If you're giving it a look, it's here: https://github.com/NapalmSauce/tenfourfox/blob/master/nsprpub/lib/libc/src/plvmx.c
Please advise/ask if there's anything.

classilla · 2018-11-01T05:12:27Z

Do you have a diff? If it seems reasonable, I'll incorporate it into FPR12 (I'm already typing this in what will be the FPR11 beta).

classilla · 2018-11-01T05:15:41Z

Actually, I just finished reading it. Clever. It definitely needs a full beta bake time, but it's pretty ingenious, I must say. Can you turn it into a PR?
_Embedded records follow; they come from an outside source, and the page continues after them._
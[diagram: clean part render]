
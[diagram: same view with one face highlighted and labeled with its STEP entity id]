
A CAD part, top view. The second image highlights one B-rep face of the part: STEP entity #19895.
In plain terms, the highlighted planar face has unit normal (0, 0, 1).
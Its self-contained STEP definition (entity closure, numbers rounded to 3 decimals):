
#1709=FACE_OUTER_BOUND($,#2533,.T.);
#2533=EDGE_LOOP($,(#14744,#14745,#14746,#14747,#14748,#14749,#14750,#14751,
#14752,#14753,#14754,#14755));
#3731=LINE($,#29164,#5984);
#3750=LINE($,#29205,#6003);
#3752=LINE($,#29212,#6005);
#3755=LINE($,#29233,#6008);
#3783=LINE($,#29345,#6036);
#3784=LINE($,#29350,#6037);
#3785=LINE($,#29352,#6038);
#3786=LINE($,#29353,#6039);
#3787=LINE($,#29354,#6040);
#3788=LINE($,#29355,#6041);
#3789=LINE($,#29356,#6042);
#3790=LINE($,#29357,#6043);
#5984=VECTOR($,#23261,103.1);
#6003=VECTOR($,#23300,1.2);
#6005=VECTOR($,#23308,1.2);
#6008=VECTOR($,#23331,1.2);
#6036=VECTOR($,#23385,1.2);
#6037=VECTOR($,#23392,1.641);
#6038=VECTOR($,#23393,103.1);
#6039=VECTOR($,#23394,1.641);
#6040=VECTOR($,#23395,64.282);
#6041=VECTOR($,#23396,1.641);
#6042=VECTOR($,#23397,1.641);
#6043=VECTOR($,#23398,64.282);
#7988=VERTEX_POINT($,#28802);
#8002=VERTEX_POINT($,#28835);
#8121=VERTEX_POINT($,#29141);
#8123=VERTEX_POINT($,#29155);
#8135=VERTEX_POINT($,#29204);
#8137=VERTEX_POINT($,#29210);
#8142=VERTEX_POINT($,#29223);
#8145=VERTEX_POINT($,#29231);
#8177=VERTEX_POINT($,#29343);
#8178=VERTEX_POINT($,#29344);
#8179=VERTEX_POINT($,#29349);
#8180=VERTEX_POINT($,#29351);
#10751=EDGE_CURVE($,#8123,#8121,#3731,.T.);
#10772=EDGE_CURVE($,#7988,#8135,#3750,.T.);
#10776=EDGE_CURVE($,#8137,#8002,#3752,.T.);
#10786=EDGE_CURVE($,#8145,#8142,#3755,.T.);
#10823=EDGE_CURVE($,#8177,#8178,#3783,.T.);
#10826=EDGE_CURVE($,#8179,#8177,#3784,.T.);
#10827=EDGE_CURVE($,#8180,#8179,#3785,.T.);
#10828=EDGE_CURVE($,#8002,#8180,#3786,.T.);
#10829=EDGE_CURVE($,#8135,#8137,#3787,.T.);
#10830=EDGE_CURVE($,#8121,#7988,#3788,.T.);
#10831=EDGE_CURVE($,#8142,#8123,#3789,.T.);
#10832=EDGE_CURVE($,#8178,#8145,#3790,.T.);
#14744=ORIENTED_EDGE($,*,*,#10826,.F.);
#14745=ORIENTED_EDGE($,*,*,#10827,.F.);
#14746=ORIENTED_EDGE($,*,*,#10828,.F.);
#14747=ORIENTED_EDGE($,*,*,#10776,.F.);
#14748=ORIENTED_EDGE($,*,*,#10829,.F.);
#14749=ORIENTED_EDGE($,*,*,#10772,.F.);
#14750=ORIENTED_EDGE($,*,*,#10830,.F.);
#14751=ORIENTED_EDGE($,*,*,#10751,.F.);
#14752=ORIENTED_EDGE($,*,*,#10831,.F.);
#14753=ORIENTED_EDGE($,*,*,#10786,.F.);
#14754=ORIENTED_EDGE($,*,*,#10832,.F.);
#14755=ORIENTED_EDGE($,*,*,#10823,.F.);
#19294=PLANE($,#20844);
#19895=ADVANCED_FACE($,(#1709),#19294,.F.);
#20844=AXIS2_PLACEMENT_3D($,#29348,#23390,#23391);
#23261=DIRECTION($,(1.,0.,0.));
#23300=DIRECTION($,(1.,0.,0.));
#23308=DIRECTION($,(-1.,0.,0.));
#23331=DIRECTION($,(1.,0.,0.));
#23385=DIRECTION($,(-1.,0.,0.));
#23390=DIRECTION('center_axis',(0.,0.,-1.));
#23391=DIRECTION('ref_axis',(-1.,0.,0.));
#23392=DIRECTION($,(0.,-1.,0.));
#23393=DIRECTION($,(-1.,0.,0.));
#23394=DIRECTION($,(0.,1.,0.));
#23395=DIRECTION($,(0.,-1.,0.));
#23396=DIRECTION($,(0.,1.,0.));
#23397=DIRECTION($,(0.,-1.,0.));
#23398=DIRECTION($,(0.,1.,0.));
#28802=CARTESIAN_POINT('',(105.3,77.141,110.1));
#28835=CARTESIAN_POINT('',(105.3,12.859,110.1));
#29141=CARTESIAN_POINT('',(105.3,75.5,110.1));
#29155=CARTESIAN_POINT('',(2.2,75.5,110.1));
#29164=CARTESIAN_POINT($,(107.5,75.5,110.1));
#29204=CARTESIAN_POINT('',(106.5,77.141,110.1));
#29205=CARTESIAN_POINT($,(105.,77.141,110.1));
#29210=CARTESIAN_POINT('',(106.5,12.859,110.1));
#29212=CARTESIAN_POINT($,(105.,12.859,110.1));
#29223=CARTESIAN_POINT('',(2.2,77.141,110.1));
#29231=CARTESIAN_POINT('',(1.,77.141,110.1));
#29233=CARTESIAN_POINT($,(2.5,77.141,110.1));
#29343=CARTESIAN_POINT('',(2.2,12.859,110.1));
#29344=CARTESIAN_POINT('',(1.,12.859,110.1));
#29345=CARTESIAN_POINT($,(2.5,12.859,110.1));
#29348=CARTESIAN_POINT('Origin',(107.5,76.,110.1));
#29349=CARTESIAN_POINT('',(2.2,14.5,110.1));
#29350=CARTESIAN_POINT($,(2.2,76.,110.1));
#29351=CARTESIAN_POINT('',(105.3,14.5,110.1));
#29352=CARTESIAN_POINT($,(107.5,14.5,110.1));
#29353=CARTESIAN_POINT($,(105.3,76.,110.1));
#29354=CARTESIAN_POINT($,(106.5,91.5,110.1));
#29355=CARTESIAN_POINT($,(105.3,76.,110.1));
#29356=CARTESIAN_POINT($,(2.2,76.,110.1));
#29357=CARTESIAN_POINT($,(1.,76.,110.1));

NapalmSauce · 2018-11-01T06:01:55Z

Thanks a lot :) Do you mind if I delay the PR a little bit? There's one case where it's detrimental vs the current vmx_strchr. If the character c is the first element of the first vector load, it'll make strchr 4-5% slower than currently and I'm curious if there's a way I can avoid this that's near gratis. I'll PR soon.
There's a couple more things than can be done for the loops, manually unroll them of course; since gcc doesn't unroll loops with intrinsics.

My handwritten assembly routines are still significantly faster than what gcc produces but.. I spent about two weeks finishing the whole thing in asm. That was for fun, at least.

classilla · 2018-11-01T06:03:52Z

Sure, take your time. This won't get integrated for a few weeks until I'm into FPR12. What are you using to do your benchmarks?

NapalmSauce · 2018-11-01T06:07:45Z

It will look silly, but currently I use the unix time; I made a C file that calls the routines 10M times so It can be represented in miliseconds (and in seconds for long strings). I try to only note the percentage it's faster; else that would make it a lot too subjective(though a percentage easily gets subjective too).

NapalmSauce · 2018-11-01T06:28:18Z

To be more precise: the resulting executable accepts one command-line argument: the offset of the byte that it has to look for. Then it prints the address of the array(alignment), the address of the pointer returned by vmx_*chr, and lastly the pointer address returned by regular libc *chr to confirm it returned the expected result. After that it does the benchmark. I have a small makefile with it. I can provide the whole thing.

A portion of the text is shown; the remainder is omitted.